Andrade seems to have been the first exponent of the traitor thesis. Montúfar y Larrea’s letter of January 6, 1810, to Amar was for him conclusive evidence that Selva Alegre had betrayed the revolution of 1809, inasmuch as the marquis not only reiterated the sentiments expressed in his letters to Abascal, but also claimed a hand in the counterrevolution of October 5.25 In fact, one of the two delegates whom Quito had dispatched to Cuenca, ostensibly to negotiate reconciliation, was Pedro de Calisto y Muñoz, a known royalist and the principal promoter of the counterrevolution.
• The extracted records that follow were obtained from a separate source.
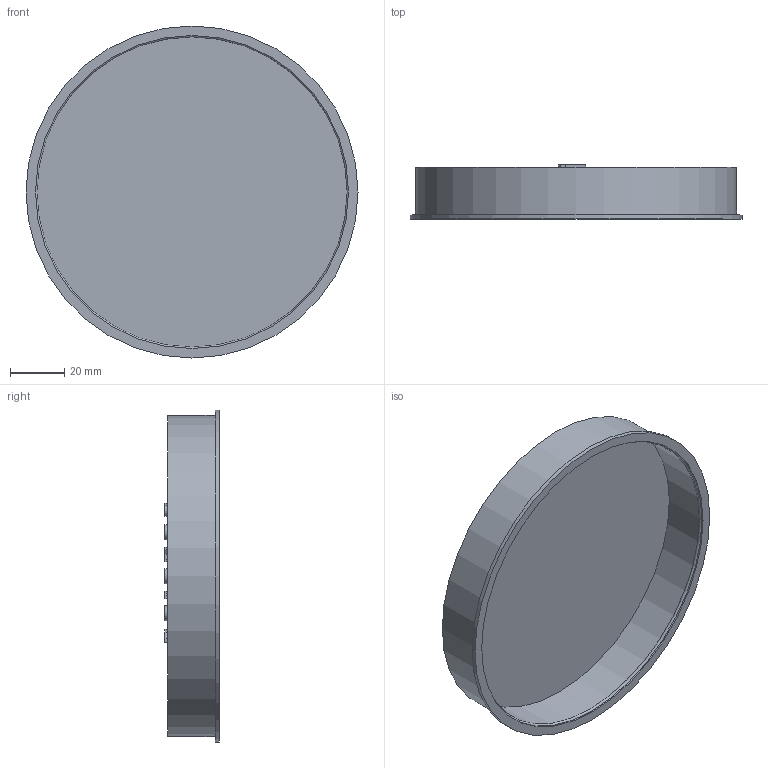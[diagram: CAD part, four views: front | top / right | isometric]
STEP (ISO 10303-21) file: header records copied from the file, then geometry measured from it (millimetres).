
FILE_DESCRIPTION( ( 'Unknown' ), '1' );
FILE_NAME( 'X:/Daten ( aktueller Bestand )/Projekte und Zeichnungen/Solid Edge/18 CF Dichtungs-Verbindungsteile/Flanschkappe Kunststoff/7083.stp', 'Unknown', ( 'Unknown' ), ( 'Unknown' ), 'XStep 1.0', 'Unknown', ' ' );
FILE_SCHEMA( ( 'automotive_design' ) );
Length unit declared in the file: millimetre
Products named in the file (1): 1
Bounding box: 122 x 20 x 122 mm (x, y, z)
Volume: 27420.6 mm3; surface area: 37194 mm2
Topology: 1 solids, 1 shells, 67 faces, 157 edges, 104 vertices
Faces by surface type: plane 49, extrusion 13, cylinder 4, torus 1
Full cylindrical faces by diameter (mm): 115 x2, 118 x1, 122 x1
Entity records: 2954 total; most frequent: CARTESIAN_POINT 1076, ORIENTED_EDGE 296, DIRECTION 183, EDGE_CURVE 148, B_SPLINE_CURVE_WITH_KNOTS 109, VERTEX_POINT 104, EDGE_LOOP 88, FACE_OUTER_BOUND 76
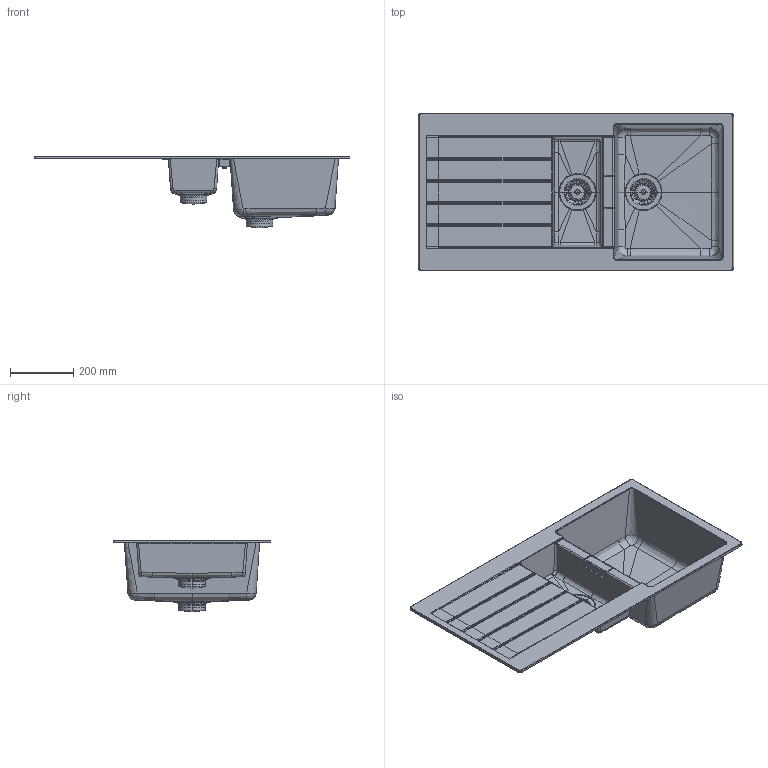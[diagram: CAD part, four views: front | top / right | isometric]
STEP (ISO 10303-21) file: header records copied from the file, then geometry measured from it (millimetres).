
FILE_DESCRIPTION(/* description */ (''),/* implementation_level */ '2;1');
FILE_NAME(/* name */ 'SIGD150',/* time_stamp */ '2014-11-04T10:48:41+01:00',/* author */ (''),/* organization */ (''),/* preprocessor_version */ 'ST-DEVELOPER v15',/* originating_system */ '',/* authorisation */ '');
FILE_SCHEMA (('AUTOMOTIVE_DESIGN'));
Length unit declared in the file: millimetre
Products named in the file (1): Document
Bounding box: 1000 x 500 x 227.25 mm (x, y, z)
Volume: 62210.7 mm3; surface area: 889733 mm2
Topology: 6 solids, 445 shells, 801 faces, 3194 edges, 2748 vertices
Faces by surface type: bspline 743, plane 58
Entity records: 119441 total; most frequent: CARTESIAN_POINT 102658, ORIENTED_EDGE 4366, EDGE_CURVE 3174, VERTEX_POINT 2748, B_SPLINE_CURVE_WITH_KNOTS 2034, EDGE_LOOP 970, ADVANCED_FACE 801, FACE_OUTER_BOUND 801
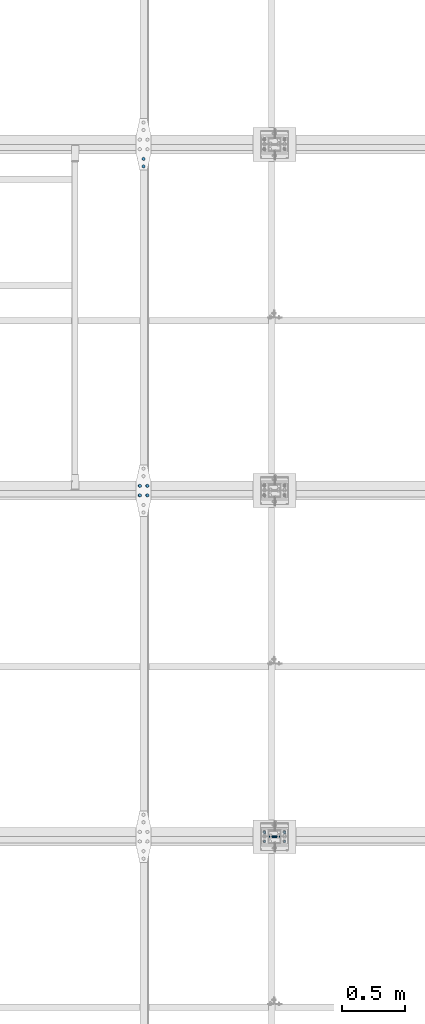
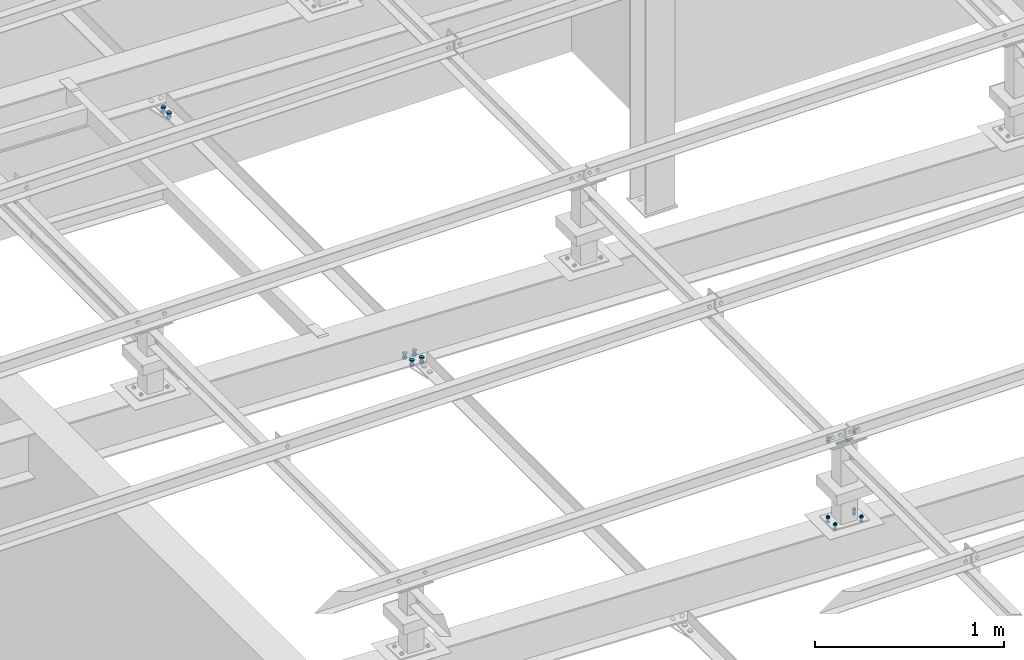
# One storey, part 188 of 3134: 5 mechanical fasteners, 4 elements without a shape of their own.
"""IFC2X3 building model written with IfcOpenShell, lengths in millimetres."""

from ifc_helpers import new_model, si_unit, frame, origin_with_axes, place, context, subcontext, project, spatial, faceted_brep, source, transform, mapped, material, type_object, element, aggregate, save


model = new_model("IFC2X3")

# Units and contexts
model_context = context("Model", 3, precision=1e-05, world=origin_with_axes())
body_context = subcontext(model_context, "Body", "Model", "MODEL_VIEW")
ifc_project = project(units=[si_unit("LENGTHUNIT", "METRE", prefix="MILLI"), si_unit("AREAUNIT", "SQUARE_METRE"), si_unit("VOLUMEUNIT", "CUBIC_METRE"), si_unit("MASSUNIT", "GRAM", prefix="KILO"), si_unit("TIMEUNIT", "SECOND"), si_unit("PLANEANGLEUNIT", "RADIAN"), si_unit("SOLIDANGLEUNIT", "STERADIAN"), si_unit("THERMODYNAMICTEMPERATUREUNIT", "DEGREE_CELSIUS"), si_unit("LUMINOUSINTENSITYUNIT", "LUMEN")], contexts=[model_context])

# Site, building, storey
site_placement = place(None, origin_with_axes())
site = spatial("IfcSite", under=ifc_project, at=site_placement, CompositionType="ELEMENT")
building_placement = place(site_placement, origin_with_axes())
building = spatial("IfcBuilding", under=site, at=building_placement, Name="Undefined", CompositionType="ELEMENT")
storey_placement = place(building_placement, origin_with_axes())
storey = spatial("IfcBuildingStorey", under=building, at=storey_placement, Name="Undefined", CompositionType="ELEMENT", Elevation=0.0)

# Assembly, mechanical fastener
assembly_1_placement = place(storey_placement, origin_with_axes())
assembly_1 = element("IfcElementAssembly", 1, at=assembly_1_placement, inside=storey, AssemblyPlace="NOTDEFINED", PredefinedType="RIGID_FRAME")
ifc_material = material(Name="8.8")
mechanical_fastener_type = type_object("IfcMechanicalFastenerType", Name="Bolt assembly")
shared_shape_1 = source(origin_with_axes(), body_context, "Body", "Brep", [
    faceted_brep([(10.9696551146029, -14.0, 0.0), (5.48482755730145, -14.0, 9.5), (-5.48482755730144, -14.0, 9.5), (-10.9696551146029, -14.0, 1.34339530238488e-15), (-5.48482755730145, -14.0, -9.5), (5.48482755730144, -14.0, -9.50000000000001), (5.48482755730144, -6.0, -9.50000000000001), (-5.48482755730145, -6.0, -9.5), (-10.9696551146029, -6.0, 1.34339530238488e-15), (-5.48482755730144, -6.0, 9.5), (5.48482755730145, -6.0, 9.5), (10.9696551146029, -6.0, 0.0), (6.0, -6.0, 0.0), (5.19615242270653, -6.0, 3.00000000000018), (2.99999999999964, -6.0, 5.19615242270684), (-6.21801588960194e-13, -6.0, 6.0), (-3.00000000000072, -6.0, 5.19615242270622), (-5.19615242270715, -6.0, 2.9999999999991), (-6.0, -6.0, -1.24360317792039e-12), (-5.19615242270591, -6.0, -3.00000000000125), (-2.99999999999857, -6.0, -5.19615242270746), (1.85874342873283e-12, -6.0, -6.0), (3.00000000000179, -6.0, -5.1961524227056), (5.19615242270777, -6.0, -2.99999999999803), (5.19615242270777, 24.0, -2.99999999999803), (3.00000000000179, 24.0, -5.1961524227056), (1.85874342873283e-12, 24.0, -6.0), (-2.99999999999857, 24.0, -5.19615242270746), (-5.19615242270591, 24.0, -3.00000000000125), (-6.0, 24.0, -1.24360317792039e-12), (-5.19615242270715, 24.0, 2.9999999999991), (-3.00000000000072, 24.0, 5.19615242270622), (-6.21801588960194e-13, 24.0, 6.0), (2.99999999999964, 24.0, 5.19615242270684), (5.19615242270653, 24.0, 3.00000000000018), (6.0, 24.0, 0.0), (10.9696551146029, 6.00000000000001, 0.0), (5.48482755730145, 6.00000000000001, 9.5), (-5.48482755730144, 6.00000000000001, 9.5), (-10.9696551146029, 6.00000000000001, 1.34339530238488e-15), (-5.48482755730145, 6.00000000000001, -9.5), (5.48482755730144, 6.00000000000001, -9.50000000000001), (5.48482755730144, 16.0, -9.50000000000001), (-5.48482755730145, 16.0, -9.5), (-10.9696551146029, 16.0, 1.34339530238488e-15), (-5.48482755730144, 16.0, 9.5), (5.48482755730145, 16.0, 9.5), (10.9696551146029, 16.0, 0.0)], [[[0, 1, 2, 3, 4, 5]], [[6, 7, 8, 9, 10, 11]], [[0, 11, 10, 1]], [[1, 10, 9, 2]], [[2, 9, 8, 3]], [[3, 8, 7, 4]], [[4, 7, 6, 5]], [[5, 6, 11, 0]], [[12, 13, 14, 15, 16, 17, 18, 19, 20, 21, 22, 23]], [[24, 25, 26, 27, 28, 29, 30, 31, 32, 33, 34, 35]], [[12, 35, 34, 13]], [[13, 34, 33, 14]], [[14, 33, 32, 15]], [[15, 32, 31, 16]], [[16, 31, 30, 17]], [[17, 30, 29, 18]], [[18, 29, 28, 19]], [[19, 28, 27, 20]], [[20, 27, 26, 21]], [[21, 26, 25, 22]], [[22, 25, 24, 23]], [[23, 24, 35, 12]], [[36, 37, 38, 39, 40, 41]], [[42, 43, 44, 45, 46, 47]], [[36, 47, 46, 37]], [[37, 46, 45, 38]], [[38, 45, 44, 39]], [[39, 44, 43, 40]], [[40, 43, 42, 41]], [[41, 42, 47, 36]]]),
    faceted_brep([(7.0, -0.1, 0.0), (6.06217782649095, -0.1, 3.50000000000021), (3.49999999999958, -0.1, 6.06217782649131), (-7.25435187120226e-13, -0.1, 7.0), (-3.50000000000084, -0.1, 6.06217782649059), (-6.06217782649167, -0.1, 3.49999999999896), (-7.0, -0.1, -1.45087037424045e-12), (-6.06217782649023, -0.1, -3.50000000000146), (-3.49999999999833, -0.1, -6.06217782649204), (2.1685340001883e-12, -0.1, -7.0), (3.50000000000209, -0.1, -6.06217782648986), (6.0621778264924, -0.1, -3.4999999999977), (6.0621778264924, 6.00000000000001, -3.4999999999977), (3.50000000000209, 6.00000000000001, -6.06217782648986), (2.1685340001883e-12, 6.00000000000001, -7.0), (-3.49999999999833, 6.00000000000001, -6.06217782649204), (-6.06217782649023, 6.00000000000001, -3.50000000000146), (-7.0, 6.00000000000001, -1.45087037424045e-12), (-6.06217782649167, 6.00000000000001, 3.49999999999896), (-3.50000000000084, 6.00000000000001, 6.06217782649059), (-7.25435187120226e-13, 6.00000000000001, 7.0), (3.49999999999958, 6.00000000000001, 6.06217782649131), (6.06217782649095, 6.00000000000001, 3.50000000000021), (7.0, 6.00000000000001, 0.0), (7.0, -5.9, 0.0), (6.06217782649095, -5.9, 3.50000000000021), (3.49999999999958, -5.9, 6.06217782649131), (-7.25435187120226e-13, -5.9, 7.0), (-3.50000000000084, -5.9, 6.06217782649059), (-6.06217782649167, -5.9, 3.49999999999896), (-7.0, -5.9, -1.45087037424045e-12), (-6.06217782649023, -5.9, -3.50000000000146), (-3.49999999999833, -5.9, -6.06217782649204), (2.1685340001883e-12, -5.9, -7.0), (3.50000000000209, -5.9, -6.06217782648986), (6.0621778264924, -5.9, -3.4999999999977), (6.0621778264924, 0.0999999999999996, -3.4999999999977), (3.50000000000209, 0.0999999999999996, -6.06217782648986), (2.1685340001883e-12, 0.0999999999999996, -7.0), (-3.49999999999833, 0.0999999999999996, -6.06217782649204), (-6.06217782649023, 0.0999999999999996, -3.50000000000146), (-7.0, 0.0999999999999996, -1.45087037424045e-12), (-6.06217782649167, 0.0999999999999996, 3.49999999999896), (-3.50000000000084, 0.0999999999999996, 6.06217782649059), (-7.25435187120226e-13, 0.0999999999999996, 7.0), (3.49999999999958, 0.0999999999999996, 6.06217782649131), (6.06217782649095, 0.0999999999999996, 3.50000000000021), (7.0, 0.0999999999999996, 0.0)], [[[0, 1, 2, 3, 4, 5, 6, 7, 8, 9, 10, 11]], [[12, 13, 14, 15, 16, 17, 18, 19, 20, 21, 22, 23]], [[0, 23, 22, 1]], [[1, 22, 21, 2]], [[2, 21, 20, 3]], [[3, 20, 19, 4]], [[4, 19, 18, 5]], [[5, 18, 17, 6]], [[6, 17, 16, 7]], [[7, 16, 15, 8]], [[8, 15, 14, 9]], [[9, 14, 13, 10]], [[10, 13, 12, 11]], [[11, 12, 23, 0]], [[24, 25, 26, 27, 28, 29, 30, 31, 32, 33, 34, 35]], [[36, 37, 38, 39, 40, 41, 42, 43, 44, 45, 46, 47]], [[24, 47, 46, 25]], [[25, 46, 45, 26]], [[26, 45, 44, 27]], [[27, 44, 43, 28]], [[28, 43, 42, 29]], [[29, 42, 41, 30]], [[30, 41, 40, 31]], [[31, 40, 39, 32]], [[32, 39, 38, 33]], [[33, 38, 37, 34]], [[34, 37, 36, 35]], [[35, 36, 47, 24]]]),
])
mechanical_fastener_1_placement = place(assembly_1_placement, frame((5691.67, 40285.0, 4365.0), z_axis=(1.0, 0.0, 0.0), x_axis=(0.0, -1.0, 0.0)))
mechanical_fastener_1 = element("IfcMechanicalFastener", 2, at=mechanical_fastener_1_placement, type_object=mechanical_fastener_type, material=ifc_material, Name="Bolt assembly", NominalDiameter=12.0, NominalLength=30.0, context=body_context, shape_type="MappedRepresentation", body=[
    mapped(shared_shape_1, transform((0.0, -5.32963895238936e-10, -79.9999999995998))),
    mapped(shared_shape_1, transform((0.0, 5.3114490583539e-10, 79.9999999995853))),
])
aggregate(assembly_1, [mechanical_fastener_1])

assembly_2_placement = place(storey_placement, origin_with_axes())
assembly_2 = element("IfcElementAssembly", 3, at=assembly_2_placement, inside=storey, AssemblyPlace="NOTDEFINED", PredefinedType="RIGID_FRAME")
shared_shape_2 = source(origin_with_axes(), body_context, "Body", "Brep", [
    faceted_brep([(13.856406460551, -21.0000017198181, 0.0), (6.92820323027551, -21.0000017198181, 12.0), (-6.92820323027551, -21.0000017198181, 12.0), (-13.856406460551, -21.0000017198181, 1.69692038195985e-15), (-6.92820323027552, -21.0000017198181, -12.0), (6.9282032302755, -21.0000017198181, -12.0), (6.9282032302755, -11.0000017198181, -12.0), (-6.92820323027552, -11.0000017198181, -12.0), (-13.856406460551, -11.0000017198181, 1.69692038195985e-15), (-6.92820323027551, -11.0000017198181, 12.0), (6.92820323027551, -11.0000017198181, 12.0), (13.856406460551, -11.0000017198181, 0.0), (8.0, -11.0000017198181, 0.0), (6.92820323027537, -11.0000017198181, 4.00000000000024), (3.99999999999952, -11.0000017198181, 6.92820323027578), (-8.29068785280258e-13, -11.0000017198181, 8.0), (-4.00000000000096, -11.0000017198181, 6.92820323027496), (-6.9282032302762, -11.0000017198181, 3.99999999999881), (-8.0, -11.0000017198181, -1.65813757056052e-12), (-6.92820323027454, -11.0000017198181, -4.00000000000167), (-3.99999999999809, -11.0000017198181, -6.92820323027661), (2.47832457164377e-12, -11.0000017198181, -8.0), (4.00000000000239, -11.0000017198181, -6.92820323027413), (6.92820323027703, -11.0000017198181, -3.99999999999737), (6.92820323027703, 23.9999999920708, -3.99999999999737), (4.00000000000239, 23.9999999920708, -6.92820323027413), (2.47832457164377e-12, 23.9999999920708, -8.0), (-3.99999999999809, 23.9999999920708, -6.92820323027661), (-6.92820323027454, 23.9999999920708, -4.00000000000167), (-8.0, 23.9999999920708, -1.65813757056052e-12), (-6.9282032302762, 23.9999999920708, 3.99999999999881), (-4.00000000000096, 23.9999999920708, 6.92820323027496), (-8.29068785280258e-13, 23.9999999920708, 8.0), (3.99999999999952, 23.9999999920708, 6.92820323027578), (6.92820323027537, 23.9999999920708, 4.00000000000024), (8.0, 23.9999999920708, 0.0), (13.856406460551, 3.99999999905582, 0.0), (6.92820323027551, 3.99999999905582, 12.0), (-6.92820323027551, 3.99999999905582, 12.0), (-13.856406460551, 3.99999999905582, 1.69692038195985e-15), (-6.92820323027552, 3.99999999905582, -12.0), (6.9282032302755, 3.99999999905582, -12.0), (6.9282032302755, 16.9999999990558, -12.0), (-6.92820323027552, 16.9999999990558, -12.0), (-13.856406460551, 16.9999999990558, 1.69692038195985e-15), (-6.92820323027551, 16.9999999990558, 12.0), (6.92820323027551, 16.9999999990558, 12.0), (13.856406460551, 16.9999999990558, 0.0)], [[[0, 1, 2, 3, 4, 5]], [[6, 7, 8, 9, 10, 11]], [[0, 11, 10, 1]], [[1, 10, 9, 2]], [[2, 9, 8, 3]], [[3, 8, 7, 4]], [[4, 7, 6, 5]], [[5, 6, 11, 0]], [[12, 13, 14, 15, 16, 17, 18, 19, 20, 21, 22, 23]], [[24, 25, 26, 27, 28, 29, 30, 31, 32, 33, 34, 35]], [[12, 35, 34, 13]], [[13, 34, 33, 14]], [[14, 33, 32, 15]], [[15, 32, 31, 16]], [[16, 31, 30, 17]], [[17, 30, 29, 18]], [[18, 29, 28, 19]], [[19, 28, 27, 20]], [[20, 27, 26, 21]], [[21, 26, 25, 22]], [[22, 25, 24, 23]], [[23, 24, 35, 12]], [[36, 37, 38, 39, 40, 41]], [[42, 43, 44, 45, 46, 47]], [[36, 47, 46, 37]], [[37, 46, 45, 38]], [[38, 45, 44, 39]], [[39, 44, 43, 40]], [[40, 43, 42, 41]], [[41, 42, 47, 36]]]),
    faceted_brep([(9.0, -4.10000000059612, 0.0), (7.79422863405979, -4.10000000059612, 4.50000000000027), (4.49999999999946, -4.10000000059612, 7.79422863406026), (-9.3270238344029e-13, -4.10000000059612, 9.0), (-4.50000000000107, -4.10000000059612, 7.79422863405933), (-7.79422863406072, -4.10000000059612, 4.49999999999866), (-9.0, -4.10000000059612, -1.86540476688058e-12), (-7.79422863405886, -4.10000000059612, -4.50000000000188), (-4.49999999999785, -4.10000000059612, -7.79422863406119), (2.78811514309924e-12, -4.10000000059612, -9.0), (4.50000000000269, -4.10000000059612, -7.7942286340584), (7.79422863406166, -4.10000000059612, -4.49999999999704), (7.79422863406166, 4.00000375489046, -4.49999999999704), (4.50000000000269, 4.00000375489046, -7.7942286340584), (2.78811514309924e-12, 4.00000375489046, -9.0), (-4.49999999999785, 4.00000375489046, -7.79422863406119), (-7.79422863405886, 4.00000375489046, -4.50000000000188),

Finally, as further proof of Selva Alegre’s guilt, Andrade published Arechaga’s vista fiscal in which, as we have seen, the royal prosecutor pleaded clemency for the repentant marquis.26 Nevertheless, Andrade’s arguments did not provoke a dialogue between the detractors and defenders of Montúfar y Larrea until 1959.

Two pertinent studies appeared in the 1940s: José Rumazo González, “Guayaquil alrededor de 1809,”27 and Neptalí Zúñiga, Juan Pío Montúfar y Larrea. Rumazo González (1904-), one of Ecuador’s few documentary historians, detailed the activities of Bartolomé de Cucalón, governor of Guayaquil (1803-1810), in containing the Superior Junta, and published sources which shed light on the controversy. No record of the activities of the junta exists in print for most of the period between August 17 and October 12, 1809. But the session of September 6 has long been stressed as critical. On that day Selva Alegre first proposed the restoration of Ruiz de Castilla, but it was not known under what conditions. A letter which Rumazo González found in the Archivo General de Indias clarifies the situation somewhat. On September 8, Ruiz de Castilla wrote Cucalón that “they are going to restore me to the presidency provided that I simultaneously exercise that of the Junta.. . .”28 Perhaps Selva Alegre and supporters sought a legalistic formula which would appease royalists, yet achieve autonomy of government for them.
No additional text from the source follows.